About that Meow Song, a direct kick in the crotch to President Trump's America and the inequality of women's wages ('love it or leave it', ad nauseum is repeated, with fevered regurgitation, it means 'bend over and take it', if you don't like it fake it for the sake of the male population).
She's graced the stage with Lucinda Williams and could hold her own with Gillian Welch or Emmylou Harris. She's an accomplished musician herself, and her works take in the blues, gospel and rockabilly rhythms as well old-fashioned country and folk.
She's got nine albums, rich with originality and full of music that flows way past the words, a tribute to the musicians behind her.
Behind the intense blue eyes there's mystery. With those lyrics, how could there not be.
"I am a person who tries not to be mysterious," she says. "I try to be known by people close to me. But I have a hard time with that. I've always been accused of being secretive. It's a way I've learned to keep myself safe ... a little mysterious part of me hidden.
"Despite the fact I am a very introverted person, i think that's why I've gravitated to performing. It allows me to connect in a deep and meaningful way. I still control the narrative - which songs I sing, how much or how little of me I reveal to the public.
"It's been really healing for me to become a performer. To push those boundaries of comfort, just try to break out a little more ... break out from those chains ... I'm opening up more."
The good-time music is always a crowd pleaser, but the lure of her lyrics cannot be underestimated.
"There are elements of fiction, elements of memoir in every song I've ever written," she says. "I haven't wirtten a purely fiction song, or purely autobiographical one.. I don't see my story separate from anyone else's. I weave them together ... People's stories might pop up alongside someone else's story.
"That's fair to do, as long as the stories are true in a different way. It's weird Frankenstein.
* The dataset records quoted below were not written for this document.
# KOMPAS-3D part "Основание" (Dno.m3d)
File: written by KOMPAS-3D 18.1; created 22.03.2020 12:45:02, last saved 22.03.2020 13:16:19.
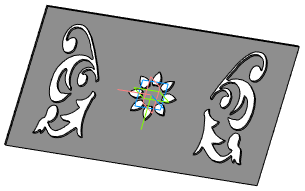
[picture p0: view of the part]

Document properties: Автор: windwican@hotmail.com; Полное имя файла: C:\Users\windw\Desktop\shkatilka1\bez petli\Dno.m3d

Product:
- Part/product: Основание
    Масса: 4.38205

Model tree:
1. Эскиз:1
2. Элемент выдавливания:2
     Расстояние 1 = 5
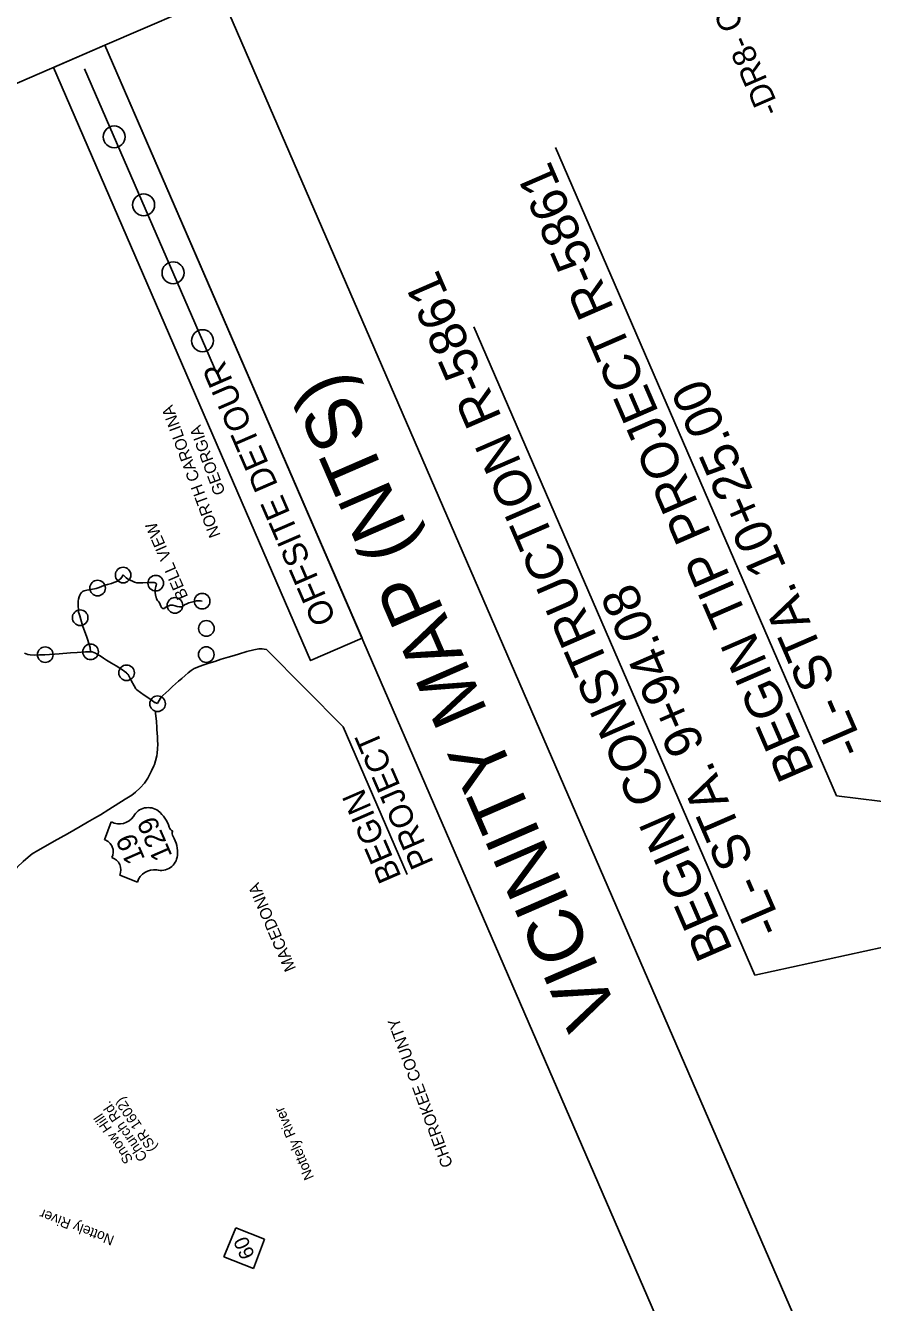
# Model space of a CAD drawing. Extents: x 442728 to 492797, y 479541 to 511293.
# Drawn here: x 475924 to 479354, y 487323 to 492495 of the extents above; entities that cross this region are included whole.
import ezdxf

# ---------------------------------------------------------------- set-up
doc = ezdxf.new("R2010")
doc.units = 0
for name, color, linetype in [('Default', 7, 'Continuous'), ('Old_Level_1', 7, 'Continuous'), ('Old_Level_22', 7, 'Continuous'), ('Old_Level_38', 7, 'Continuous'), ('Prop DSN Text', 7, 'Continuous'), ('Prop Grid Mask', 7, 'Continuous'), ('Prop Horizontal Alignment Station Label', 7, 'Continuous'), ('Prop PHM Text', 7, 'Continuous'), ('Prop PHM White Label Box', 7, 'Continuous')]:
    doc.layers.add(name, color=color, linetype=linetype)

msp = doc.modelspace()

# ---------------------------------------------------------------- linework, layer by layer
at = {"layer": 'Default'}
for p, q in [((476698, 491086.1), (476163, 492319.8)), ((479208.5, 489375.3), (478070.2, 492000.4)), ((478878.1, 488649.2), (477739.9, 491274.3)), ((477209.8, 489654.3), (476899.4, 489968.2)), ((476333.1, 489872.1), (476336.8, 489869.4)), ((477469.1, 489056.5), (477209.8, 489654.3)), ((479208.5, 489375.3), (481056.6, 489145.9)), ((476094.3, 489221.7), (476066.7, 489206.4)), ((478878.1, 488649.2), (481040.7, 489119.4))]:
    msp.add_line(p, q, dxfattribs=at)
for points in [[(476146.7, 490193.7), (476150.7, 490198.6), (476155.1, 490202.2), (476161.4, 490205.2), (476172.4, 490207.9), (476187.6, 490210.6), (476209.3, 490214.5), (476221.9, 490218.7), (476241.4, 490226.3), (476255.8, 490230.6), (476271.9, 490235.2), (476281.8, 490238.6), (476289.6, 490241.6), (476296.9, 490245.1), (476303.3, 490249.9), (476308.7, 490254.2), (476313.7, 490260.6), (476319.4, 490269.7)], [(476639.2, 490163.5), (476632.5, 490164.7), (476625.5, 490164.7), (476616.6, 490164.5), (476606.5, 490161.9), (476595.5, 490159.1), (476585.3, 490156.5), (476576.7, 490152.9), (476567.6, 490148), (476559.1, 490141.9), (476555.9, 490140.5), (476547.5, 490140.7), (476538.3, 490142.2), (476529.4, 490144.8), (476520.6, 490146.9), (476510.1, 490147), (476494.9, 490141), (476489.4, 490137.6), (476486, 490134.1), (476483.8, 490133.4), (476480.4, 490134), (476476.9, 490135.5), (476474.7, 490138.2), (476472, 490142.7), (476468.8, 490150), (476465.8, 490157), (476462.1, 490161.5), (476458, 490166.2), (476454.6, 490173.4), (476451.3, 490185), (476450.8, 490186.9), (476448.2, 490201.1), (476448.5, 490209.9), (476449.8, 490217.7), (476451.3, 490223.4), (476452.4, 490226.7), (476454.5, 490233.1), (476453.4, 490235.1), (476449.3, 490237.6), (476444.2, 490238.7), (476425.1, 490238.4), (476398.9, 490237.8), (476374, 490238.2), (476364.7, 490240.6), (476354.2, 490246.3), (476344, 490249.6), (476336.9, 490253.8), (476331.2, 490257.6), (476326.9, 490261.4), (476322.7, 490265.6), (476319.4, 490269.7)], [(476187.4, 489958.2), (476185.4, 489975.6), (476182.8, 489984.1), (476172.1, 490017.7), (476155.1, 490064.6), (476147.2, 490089), (476143, 490104.1), (476141, 490111.5), (476138.8, 490119.4), (476137.7, 490130.3), (476136.9, 490143.3), (476137.3, 490155), (476137.2, 490163.5), (476138.3, 490172.2), (476140.7, 490181.1), (476143.6, 490188), (476146.7, 490193.7)], [(476001.4, 489946.5), (476059.9, 489950.8), (476106.5, 489953.7), (476133.5, 489955.7), (476167.1, 489957.9), (476180.6, 489958.5), (476187.4, 489958.2)], [(476187.4, 489958.2), (476193.8, 489958), (476201, 489955.8), (476206.8, 489953), (476215.3, 489948), (476226.2, 489941.4), (476239.5, 489932.7), (476252.1, 489924.7), (476272, 489912.1), (476290.3, 489901), (476309.9, 489889.4), (476316.7, 489884.7), (476323.7, 489880), (476332.9, 489873.3)], [(476899.4, 489968.2), (476890.9, 489969.6), (476882.1, 489970.3), (476878, 489970.6), (476868.3, 489970.4), (476848.8, 489966.4), (476820.8, 489959), (476786.2, 489948.3), (476760, 489940.3), (476744.4, 489936.5), (476735.2, 489933.9), (476716.3, 489928), (476690.4, 489919)], [(475919.9, 489952.9), (475933.1, 489947.7), (475942.6, 489945.8), (475959, 489944.4), (475979.8, 489945.8), (476001.4, 489946.5)], [(476690.4, 489919), (476666.6, 489912), (476641.7, 489904.7)], [(476336.8, 489869.4), (476338.9, 489866.4), (476343.2, 489858.3), (476352.2, 489841.7), (476363.2, 489821), (476371.1, 489808.8), (476375, 489804.5), (476403.8, 489783.1), (476426.6, 489767.4), (476448.5, 489752.3)], [(476641.7, 489904.7), (476630.6, 489900.4), (476606.9, 489890.1), (476594.9, 489882.5), (476582.8, 489873.1), (476569.9, 489861.9), (476557.1, 489850.5), (476543.6, 489839.3), (476519.6, 489818.3), (476503.8, 489803.5), (476479.8, 489780.9), (476474.4, 489775.5), (476469.8, 489770), (476464.6, 489761.4), (476460.4, 489754.6), (476458.2, 489749.1)], [(476641.7, 489904.7), (476630.6, 489900.4), (476606.9, 489890.1), (476594.9, 489882.5), (476582.8, 489873.1), (476569.9, 489861.9), (476557.1, 489850.5), (476543.6, 489839.3), (476519.6, 489818.3), (476503.8, 489803.5), (476479.8, 489780.9), (476474.4, 489775.5), (476469.8, 489770), (476464.6, 489761.4), (476460.4, 489754.6), (476458.2, 489749.1)], [(476448.3, 489753.5), (476453.8, 489750.1), (476458.2, 489749.1)], [(476450.2, 489715), (476450, 489708.2), (476453.9, 489676.8), (476455.7, 489650.7), (476456.2, 489643.5), (476458.6, 489613.7), (476458.5, 489598.6), (476459.3, 489584.5), (476458.5, 489565), (476457.3, 489548.5), (476455.1, 489537.3), (476450.1, 489516.7), (476446.2, 489501.5), (476443.8, 489496.2)], [(476443.8, 489496.2), (476434.6, 489475.7), (476418.9, 489446.5), (476405.9, 489427), (476388, 489406.9), (476369.7, 489390.4), (476353.7, 489377.9), (476327.8, 489360.9), (476261.5, 489319.8), (476226.8, 489298), (476203.5, 489284.9), (476174.1, 489268.5), (476145, 489250.9), (476094.3, 489221.7)], [(476066.7, 489206.4), (476040, 489191.2), (476004.4, 489171.1), (475973.4, 489153.9), (475950.5, 489139.7), (475934.1, 489126.5), (475913.8, 489108.9), (475890.1, 489086), (475877.5, 489071.7), (475871.9, 489064.4), (475857.1, 489042.9), (475846.9, 489028.1), (475840.9, 489018.4), (475835.2, 489007.9), (475830.2, 488997.6), (475823.3, 488982.5), (475815, 488962.8), (475802.7, 488928.1)]]:
    msp.add_lwpolyline(points, dxfattribs=at)
for centre, radius in [((476282.7, 492043.9), 44.5), ((476402, 491768.7), 44.5), ((476521.4, 491493.4), 44.5), ((476640.7, 491218.2), 44.5), ((476319.1, 490269.3), 31.6), ((476451.3, 490236.3), 31.6), ((476215.6, 490216.6), 31.6), ((476529, 490146.3), 31.6), ((476639.2, 490163.5), 31.6), ((476145.1, 490096.5), 31.6), ((476656.2, 490052.9), 31.6), ((476003.4, 489946.7), 31.6), ((476187.4, 489958.2), 31.6), ((476655.8, 489947), 31.6), ((476332.9, 489873.3), 31.6), ((476458.5, 489747.9), 31.6)]:
    msp.add_circle(centre, radius, dxfattribs=at)
at = {"layer": 'Old_Level_1'}
for points in [[(479132.2, 487049), (476716.6, 492619.7), (476245.2, 492415.3), (478660.8, 486844.6)], [(478660.8, 486844.6), (476245.2, 492415.3), (472131.1, 490631.3), (474546.6, 485060.7)], [(478660.8, 486844.6), (476245.2, 492415.3), (472131.1, 490631.3), (474546.6, 485060.7)], [(478660.8, 486844.6), (476245.2, 492415.3), (472131.1, 490631.3), (474546.6, 485060.7)], [(478660.8, 486844.6), (476245.2, 492415.3), (472131.1, 490631.3), (474546.6, 485060.7)]]:
    msp.add_lwpolyline(points, close=True, dxfattribs=at)
at = {"layer": 'Prop Grid Mask'}
for p, q in [((476243.4, 489197.1), (476271.2, 489269.1)), ((476376.9, 489025.4), (476305.2, 489053.6)), ((476454.9, 489075.2), (476454.9, 489075.2))]:
    msp.add_line(p, q, dxfattribs=at)
msp.add_lwpolyline([(476245.2, 492415.3), (477286.8, 490013.4), (477078.6, 489923.1), (476037.1, 492325.1)], close=True, dxfattribs=at)
for centre, radius, start, end in [((476303.3, 489332.1), 70.6, 243.0256, 325.3656), ((476420.6, 489260.4), 67.1, 52.9078, 151.9677), ((476374.5, 489206.3), 138.1, 17.6313, 51.1919), ((476525.4, 489251.5), 19.6, 189.9394, 254.6384), ((476228, 489148.3), 51.2, 332.648, 72.4987), ((476537.2, 489222.8), 19.6, 150.0064, 217.0678), ((476401.2, 489143.2), 138.1, 355.8194, 29.3915), ((476472.2, 489140.1), 67.1, 255.049, 354.1035), ((476258.9, 489075.6), 51.2, 334.589, 73.4331), ((476444.7, 489005.4), 70.6, 81.6457, 163.5445)]:
    msp.add_arc(centre, radius, start, end, dxfattribs=at)
at = {"layer": 'Prop PHM White Label Box'}
for p, q in [((476775.6, 487625.7), (476727.6, 487508.3)), ((476892.2, 487579.7), (476775.6, 487625.7)), ((476847, 487461.1), (476892.2, 487579.7)), ((476727.6, 487508.3), (476847, 487461.1))]:
    msp.add_line(p, q, dxfattribs=at)

# ---------------------------------------------------------------- texts
at = {"layer": 'Default'}
for s, height, rotation, p in [('BEGIN TIP PROJECT R-5861', 150, 113.4424, (479120.3, 489476.2)), ('BEGIN CONSTRUCTION R-5861', 150, 113.4424, (478790, 488750.1)), ('-L- STA. 10+25.00', 150, 113.4424, (479326.7, 489565.7)), ('-L- STA. 9+94.08', 150, 113.4424, (478996.4, 488839.6)), ('PROJECT', 95, 113.4424, (477578.3, 489104.7)), ('BEGIN', 95, 113.4424, (477447.6, 489048)), ('Nottely River', 41.378, 113.4424, (477093.2, 487829.8)), ('Nottely River', 41.378, 159.3386, (476286.5, 487591.4))]:
    msp.add_text(s, height=height, rotation=rotation, dxfattribs=at).set_placement(p)
at = {"layer": 'Old_Level_22'}
for s, height, rotation, p in [('NORTH CAROLINA', 47.289, 110.3232, (476714.5, 490430.9)), ('GEORGIA', 47.29, 110.3232, (476734.1, 490603.5)), ('BELL VIEW', 47.29, 113.4424, (476583.2, 490181.9)), ('MACEDONIA', 47.29, 113.4424, (477020.1, 488675.8)), ('CHEROKEE COUNTY', 47.289, 110.3232, (477655.8, 487880)), ('(SR 1602)', 41.38, 124.0299, (476458.6, 487949.8)), ('Church Rd.', 41.38, 124.0299, (476419.8, 487911.2)), ('Snow Hill', 41.38, 124.0299, (476361.4, 487901.9))]:
    msp.add_text(s, height=height, rotation=rotation, dxfattribs=at).set_placement(p)
at = {"layer": 'Old_Level_38'}
msp.add_text('VICINITY MAP (NTS)', height=221.436, rotation=113.4424, dxfattribs=at).set_placement((478328.2, 488493.1))
at = {"layer": 'Prop DSN Text'}
for s, height, rotation, p in [('-DR8- COBB CIR.', 94.918, 113.4424, (478983.2, 492151.7)), ('129', 81.22, 113.5056, (476519.6, 489132.8)), ('19', 81.22, 113.5056, (476409.3, 489119.4))]:
    msp.add_text(s, height=height, rotation=rotation, dxfattribs=at).set_placement(p)
at = {"layer": 'Prop Horizontal Alignment Station Label'}
msp.add_text('OFFSITE DETOUR', height=98.469, rotation=113.4424, dxfattribs=at).set_placement((477183.6, 490090))
at = {"layer": 'Prop PHM Text'}
msp.add_text('60', height=59.66, rotation=113.4424, dxfattribs=at).set_placement((476853.9, 487514.3))

doc.saveas('drawing.dxf')
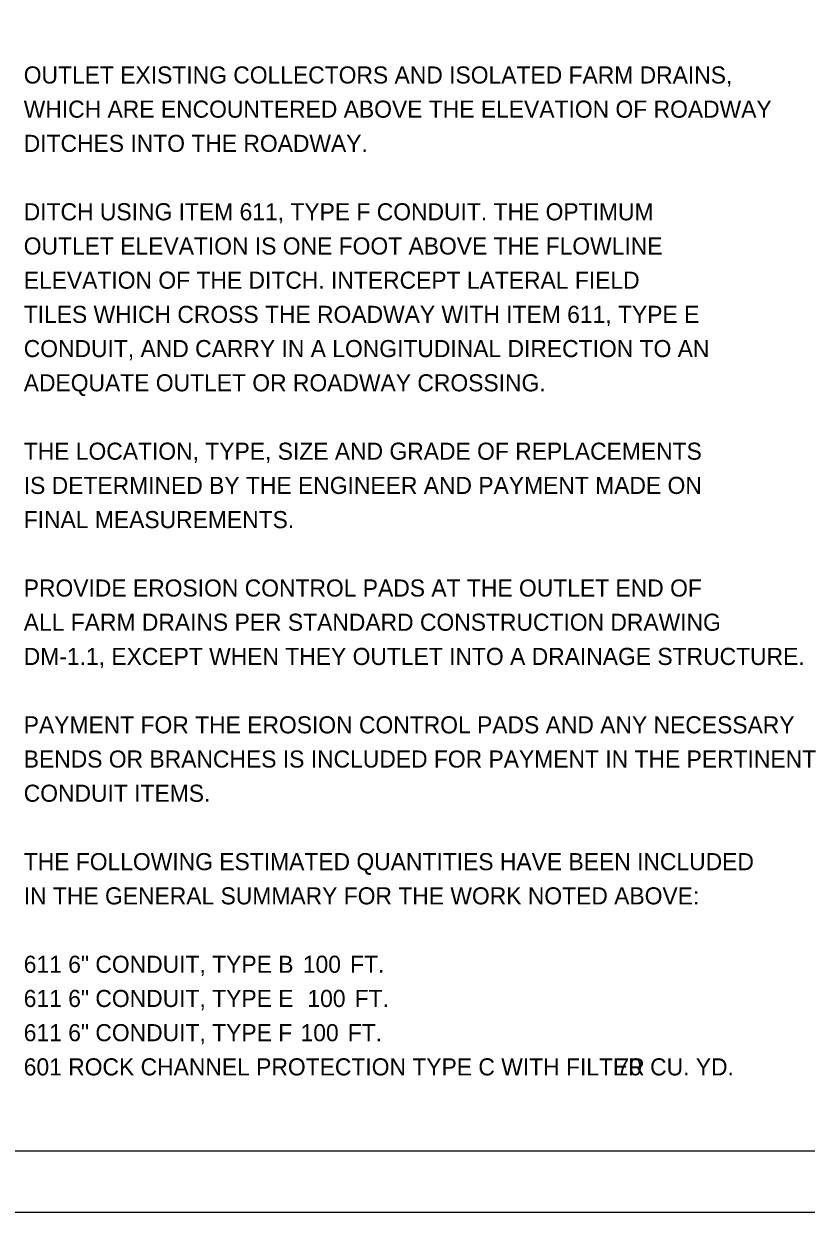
# Model space of a CAD drawing. Extents: x 0 to 37.9, y 0 to 22.
# Drawn here: x 24.66 to 31.07, y 0 to 9.73 of the extents above; entities that cross this region are included whole.
import ezdxf

# ---------------------------------------------------------------- set-up
doc = ezdxf.new("R2010")
doc.units = 0
for name, color, linetype in [('SH_Border', 7, 'Continuous'), ('SH_Cut_Line', 7, 'Continuous'), ('SH_Text', 7, 'Continuous')]:
    doc.layers.add(name, color=color, linetype=linetype)

msp = doc.modelspace()

# ---------------------------------------------------------------- linework, layer by layer
at = {"layer": 'SH_Border'}
msp.add_lwpolyline([(1.5, 21.5), (33.5, 21.5), (33.5, 0.5), (1.5, 0.5)], close=True, dxfattribs=at)
at = {"layer": 'SH_Cut_Line'}
msp.add_lwpolyline([(0, 0), (34, 0), (34, 22), (0, 22)], close=True, dxfattribs=at)

# ---------------------------------------------------------------- texts
at = {"layer": 'SH_Text'}
for s, p in [('OUTLET EXISTING COLLECTORS AND ISOLATED FARM DRAINS,', (24.66, 9.24)), ('WHICH ARE ENCOUNTERED ABOVE THE ELEVATION OF ROADWAY', (24.66, 8.96)), ('DITCHES INTO THE ROADWAY.', (24.66, 8.68)), ('DITCH USING ITEM 611, TYPE F CONDUIT. THE OPTIMUM', (24.66, 8.12)), ('OUTLET ELEVATION IS ONE FOOT ABOVE THE FLOWLINE', (24.66, 7.84)), ('ELEVATION OF THE DITCH. INTERCEPT LATERAL FIELD', (24.66, 7.56)), ('TILES WHICH CROSS THE ROADWAY WITH ITEM 611, TYPE E', (24.66, 7.28)), ('CONDUIT, AND CARRY IN A LONGITUDINAL DIRECTION TO AN', (24.66, 7)), ('ADEQUATE OUTLET OR ROADWAY CROSSING.', (24.66, 6.72)), ('THE LOCATION, TYPE, SIZE AND GRADE OF REPLACEMENTS', (24.66, 6.16)), ('IS DETERMINED BY THE ENGINEER AND PAYMENT MADE ON', (24.66, 5.88)), ('FINAL MEASUREMENTS.', (24.66, 5.6)), ('PROVIDE EROSION CONTROL PADS AT THE OUTLET END OF', (24.66, 5.04)), ('ALL FARM DRAINS PER STANDARD CONSTRUCTION DRAWING', (24.66, 4.76)), ('DM-1.1, EXCEPT WHEN THEY OUTLET INTO A DRAINAGE STRUCTURE.', (24.66, 4.48)), ('PAYMENT FOR THE EROSION CONTROL PADS AND ANY NECESSARY', (24.66, 3.92)), ('BENDS OR BRANCHES IS INCLUDED FOR PAYMENT IN THE PERTINENT', (24.66, 3.64)), ('CONDUIT ITEMS.', (24.66, 3.36)), ('THE FOLLOWING ESTIMATED QUANTITIES HAVE BEEN INCLUDED', (24.66, 2.8)), ('IN THE GENERAL SUMMARY FOR THE WORK NOTED ABOVE:', (24.66, 2.52)), ('611 6" CONDUIT, TYPE B  ', (24.66, 1.96)), ('100', (26.9463, 1.96)), (' FT.', (27.2815, 1.96)), ('611 6" CONDUIT, TYPE E   ', (24.66, 1.68)), ('100', (26.9837, 1.68)), (' FT.', (27.3189, 1.68)), ('611 6" CONDUIT, TYPE F  ', (24.66, 1.4)), ('100', (26.9276, 1.4)), (' FT.', (27.2628, 1.4)), ('601 ROCK CHANNEL PROTECTION TYPE C WITH FILTER ', (24.66, 1.12)), ('70', (29.5154, 1.12)), (' CU. YD.', (29.7389, 1.12))]:
    msp.add_text(s, height=0.14, dxfattribs=at).set_placement(p)

doc.saveas('drawing.dxf')

As long as they are true on a deeper level... that's all that matters."
She sells out venues like the Tractor Tavern in Seattle (capacity 400), and has found success in Scandinavia and Europe.
"I've been trying to figure out what it is that is music-loving countries have in common," she says. "It's a fun kind of mystery. What the Netherlands, pockets of US, Australia, Sweden have in common. It's concentrations of people who not only understand music, but really seem to enjoy music that has a story behind it ... I wish i could figure it out, I think it has to do with values. They value live music over sitting home watching television. They value a real story versus bubble-gum brain candy about a hot chick."